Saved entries
# # # # #

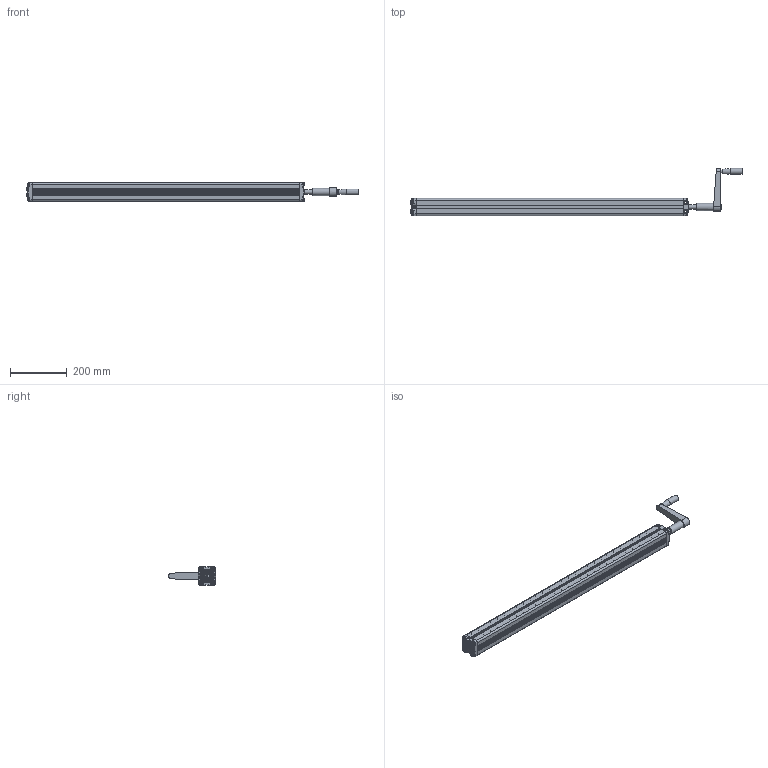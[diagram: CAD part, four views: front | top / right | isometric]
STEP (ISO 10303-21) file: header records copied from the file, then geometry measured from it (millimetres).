
FILE_DESCRIPTION(/* description */ ('Unknown'),/* implementation_level */ '2;1');
FILE_NAME(/* name */ '313.20037 Pumpe PF 4870 W mit Handkurbel',/* time_stamp */ '2018-01-19T16:43:31+01:00',/* author */ ('Unknown'),/* organization */ ('Unknown'),/* preprocessor_version */ 'ST-DEVELOPER v16.7',/* originating_system */ 'DEX',/* authorisation */ $);
FILE_SCHEMA (('AUTOMOTIVE_DESIGN {1 0 10303 214 3 1 1}'));
Products named in the file (29): 103.20037; 115.10057_oa_0; 125.00126; 115.00008_oa_1; 142.00021; 125.00021; 113.00005; 128.00001; 125.00052; 126.00013; 125.00053; 142.00077; 127.00014; 142.00244; Handgriff; 115.10057_oa_2; 115.00008_oa_3; 142.00013; 115.10057_oa_4; 115.00008_oa_5; 115.10057_oa_6; 115.00008_oa_7; 142.00057; 125.00149; 115.00141; 126.00076; 122.00040; 119.00357; 126.00075
Assembly tree (44 placements, depth 3):
  103.20037
    115.10057_oa_0
      125.00126
      115.00008_oa_1
      142.00021
      125.00021
    113.00005
      128.00001
      125.00052
      126.00013
      125.00053
      142.00077
      127.00014
      142.00244
      Handgriff
    115.10057_oa_2
      125.00126
      115.00008_oa_3
      142.00021
      125.00021
    142.00013  x8
    115.10057_oa_4
      125.00126
      115.00008_oa_5
      142.00021
      125.00021
    115.10057_oa_6
      125.00126
      115.00008_oa_7
      142.00021
      125.00021
    142.00057
    125.00149
    115.00141
      126.00076
      122.00040
    119.00357
    126.00075
Bounding box: 1166.72 x 165.5 x 65 mm (x, y, z)
Volume: 1259241.9 mm3; surface area: 738576.4 mm2
Topology: 34 solids, 34 shells, 2446 faces, 5968 edges, 3580 vertices
Faces by surface type: plane 977, cylinder 561, bspline 455, cone 334, torus 107, sphere 12
Full cylindrical faces by diameter (mm): 3.5 x4, 4 x2, 4.1 x4, 4.2 x5, 4.917 x2, 5 x8, 6 x1, 6.917 x8, 8 x10, 9.8 x8, 10 x4, 10.4 x1, 12.8 x1, 13 x5, 14 x2, 14.4 x4, 16 x2, 17 x1, 17.9 x8, 18 x1, 19 x1, 20.6 x1, 21 x1, 22 x1, 25.5 x1
Entity records: 79143 total; most frequent: CARTESIAN_POINT 39240, ORIENTED_EDGE 8370, DIRECTION 6895, EDGE_CURVE 4185, VERTEX_POINT 2687, AXIS2_PLACEMENT_3D 2430, LINE 2035, VECTOR 2035
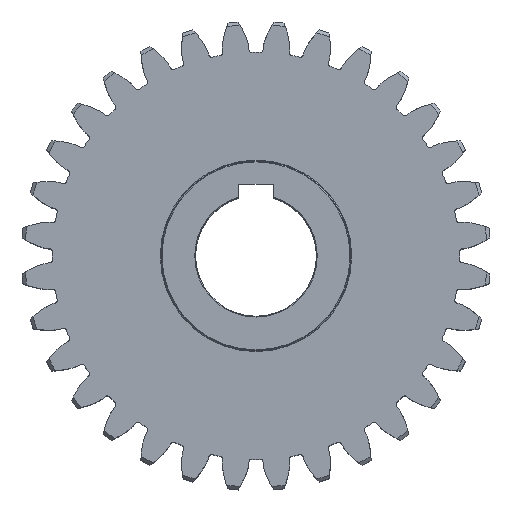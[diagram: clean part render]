
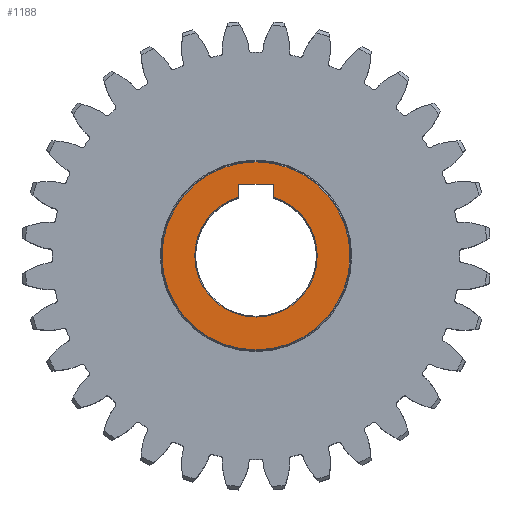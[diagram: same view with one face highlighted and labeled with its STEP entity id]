
A CAD part, top view. The second image highlights one B-rep face of the part: STEP entity #1188.
In plain terms, the highlighted planar face has unit normal (0, 0, 1).
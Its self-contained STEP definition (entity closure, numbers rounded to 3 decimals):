
#425 = EDGE_CURVE ( 'NONE', #19184, #7807, #20997, .T. ) ;
#766 = ORIENTED_EDGE ( 'NONE', *, *, #16271, .T. ) ;
#906 = EDGE_CURVE ( 'NONE', #7807, #3181, #5164, .T. ) ;
#946 = ORIENTED_EDGE ( 'NONE', *, *, #13579, .T. ) ;
#989 = DIRECTION ( 'NONE',  ( 0., 0., -1. ) ) ;
#1188 = ADVANCED_FACE ( 'NONE', ( #3038, #14380 ), #4407, .T. ) ;
#1198 = DIRECTION ( 'NONE',  ( 0., 0., 1. ) ) ;
#1389 = CARTESIAN_POINT ( 'NONE',  ( -5., 17.031, 25. ) ) ;
#1509 = CARTESIAN_POINT ( 'NONE',  ( 0., 0., 25. ) ) ;
#1623 = CARTESIAN_POINT ( 'NONE',  ( 5., 17.031, 25. ) ) ;
#1697 = DIRECTION ( 'NONE',  ( 0., 0., 1. ) ) ;
#1935 = EDGE_CURVE ( 'NONE', #3181, #5397, #7084, .T. ) ;
#2040 = DIRECTION ( 'NONE',  ( 0., 0., -1. ) ) ;
#2202 = AXIS2_PLACEMENT_3D ( 'NONE', #1509, #2040, #2352 ) ;
#2323 = VERTEX_POINT ( 'NONE', #1623 ) ;
#2352 = DIRECTION ( 'NONE',  ( 1., 0., 0. ) ) ;
#3038 = FACE_OUTER_BOUND ( 'NONE', #10490, .T. ) ;
#3157 = EDGE_CURVE ( 'NONE', #5397, #2323, #16704, .T. ) ;
#3181 = VERTEX_POINT ( 'NONE', #6914 ) ;
#3388 = DIRECTION ( 'NONE',  ( 1., 0., 0. ) ) ;
#3432 = VECTOR ( 'NONE', #3851, 1000. ) ;
#3635 = ORIENTED_EDGE ( 'NONE', *, *, #10523, .T. ) ;
#3816 = DIRECTION ( 'NONE',  ( 1., 0., 0. ) ) ;
#3851 = DIRECTION ( 'NONE',  ( 0., -1., 0. ) ) ;
#3967 = VERTEX_POINT ( 'NONE', #4011 ) ;
#3999 = VECTOR ( 'NONE', #11634, 1000. ) ;
#4011 = CARTESIAN_POINT ( 'NONE',  ( 17.75, 0., 25. ) ) ;
#4034 = CIRCLE ( 'NONE', #12160, 27.25 ) ;
#4407 = PLANE ( 'NONE',  #14523 ) ;
#5164 = LINE ( 'NONE', #14936, #3999 ) ;
#5293 = CARTESIAN_POINT ( 'NONE',  ( 5., 20.8, 25. ) ) ;
#5397 = VERTEX_POINT ( 'NONE', #20298 ) ;
#5950 = ORIENTED_EDGE ( 'NONE', *, *, #3157, .T. ) ;
#5966 = DIRECTION ( 'NONE',  ( 1., 0., 0. ) ) ;
#6095 = CARTESIAN_POINT ( 'NONE',  ( 0., 0., 25. ) ) ;
#6914 = CARTESIAN_POINT ( 'NONE',  ( -5., 20.8, 25. ) ) ;
#7084 = LINE ( 'NONE', #5293, #21011 ) ;
#7134 = ORIENTED_EDGE ( 'NONE', *, *, #425, .T. ) ;
#7602 = CIRCLE ( 'NONE', #2202, 17.75 ) ;
#7807 = VERTEX_POINT ( 'NONE', #1389 ) ;
#8153 = DIRECTION ( 'NONE',  ( 1., 0., 0. ) ) ;
#9034 = CARTESIAN_POINT ( 'NONE',  ( 0., 0., 25. ) ) ;
#10490 = EDGE_LOOP ( 'NONE', ( #3635, #19707 ) ) ;
#10523 = EDGE_CURVE ( 'NONE', #12575, #18699, #4034, .T. ) ;
#10730 = CARTESIAN_POINT ( 'NONE',  ( 0., 0., 25. ) ) ;
#11017 = CIRCLE ( 'NONE', #20199, 27.25 ) ;
#11634 = DIRECTION ( 'NONE',  ( 0., 1., 0. ) ) ;
#12160 = AXIS2_PLACEMENT_3D ( 'NONE', #10730, #1198, #17032 ) ;
#12575 = VERTEX_POINT ( 'NONE', #19935 ) ;
#13251 = CARTESIAN_POINT ( 'NONE',  ( 0., 0., 25. ) ) ;
#13579 = EDGE_CURVE ( 'NONE', #2323, #3967, #15101, .T. ) ;
#14380 = FACE_BOUND ( 'NONE', #18215, .T. ) ;
#14523 = AXIS2_PLACEMENT_3D ( 'NONE', #6095, #20664, #20869 ) ;
#14535 = CARTESIAN_POINT ( 'NONE',  ( 0., 0., 25. ) ) ;
#14685 = CARTESIAN_POINT ( 'NONE',  ( 5., 14.2, 25. ) ) ;
#14899 = AXIS2_PLACEMENT_3D ( 'NONE', #9034, #989, #5966 ) ;
#14936 = CARTESIAN_POINT ( 'NONE',  ( -5., 14.2, 25. ) ) ;
#15101 = CIRCLE ( 'NONE', #15442, 17.75 ) ;
#15442 = AXIS2_PLACEMENT_3D ( 'NONE', #13251, #19635, #3388 ) ;
#15481 = CARTESIAN_POINT ( 'NONE',  ( 27.25, 0., 25. ) ) ;
#15723 = ORIENTED_EDGE ( 'NONE', *, *, #906, .T. ) ;
#16271 = EDGE_CURVE ( 'NONE', #3967, #19184, #7602, .T. ) ;
#16704 = LINE ( 'NONE', #14685, #3432 ) ;
#16767 = EDGE_CURVE ( 'NONE', #18699, #12575, #11017, .T. ) ;
#17032 = DIRECTION ( 'NONE',  ( 1., 0., 0. ) ) ;
#18215 = EDGE_LOOP ( 'NONE', ( #5950, #946, #766, #7134, #15723, #20577 ) ) ;
#18699 = VERTEX_POINT ( 'NONE', #15481 ) ;
#19184 = VERTEX_POINT ( 'NONE', #20282 ) ;
#19635 = DIRECTION ( 'NONE',  ( 0., 0., -1. ) ) ;
#19707 = ORIENTED_EDGE ( 'NONE', *, *, #16767, .T. ) ;
#19935 = CARTESIAN_POINT ( 'NONE',  ( -27.25, 0., 25. ) ) ;
#20199 = AXIS2_PLACEMENT_3D ( 'NONE', #14535, #1697, #8153 ) ;
#20282 = CARTESIAN_POINT ( 'NONE',  ( -17.75, 0., 25. ) ) ;
#20298 = CARTESIAN_POINT ( 'NONE',  ( 5., 20.8, 25. ) ) ;
#20577 = ORIENTED_EDGE ( 'NONE', *, *, #1935, .T. ) ;
#20664 = DIRECTION ( 'NONE',  ( 0., 0., 1. ) ) ;
#20869 = DIRECTION ( 'NONE',  ( 1., 0., 0. ) ) ;
#20997 = CIRCLE ( 'NONE', #14899, 17.75 ) ;
#21011 = VECTOR ( 'NONE', #3816, 1000. ) ;

# # # # #

## What the exercise asks
Print from the line containing "#19935 = CARTESIAN_POINT" to the last line above, exactly as written.

## Result of this exercise
#19935 = CARTESIAN_POINT ( 'NONE',  ( -27.25, 0., 25. ) ) ;
#20199 = AXIS2_PLACEMENT_3D ( 'NONE', #14535, #1697, #8153 ) ;
#20282 = CARTESIAN_POINT ( 'NONE',  ( -17.75, 0., 25. ) ) ;
#20298 = CARTESIAN_POINT ( 'NONE',  ( 5., 20.8, 25. ) ) ;
#20577 = ORIENTED_EDGE ( 'NONE', *, *, #1935, .T. ) ;
#20664 = DIRECTION ( 'NONE',  ( 0., 0., 1. ) ) ;
#20869 = DIRECTION ( 'NONE',  ( 1., 0., 0. ) ) ;
#20997 = CIRCLE ( 'NONE', #14899, 17.75 ) ;
#21011 = VECTOR ( 'NONE', #3816, 1000. ) ;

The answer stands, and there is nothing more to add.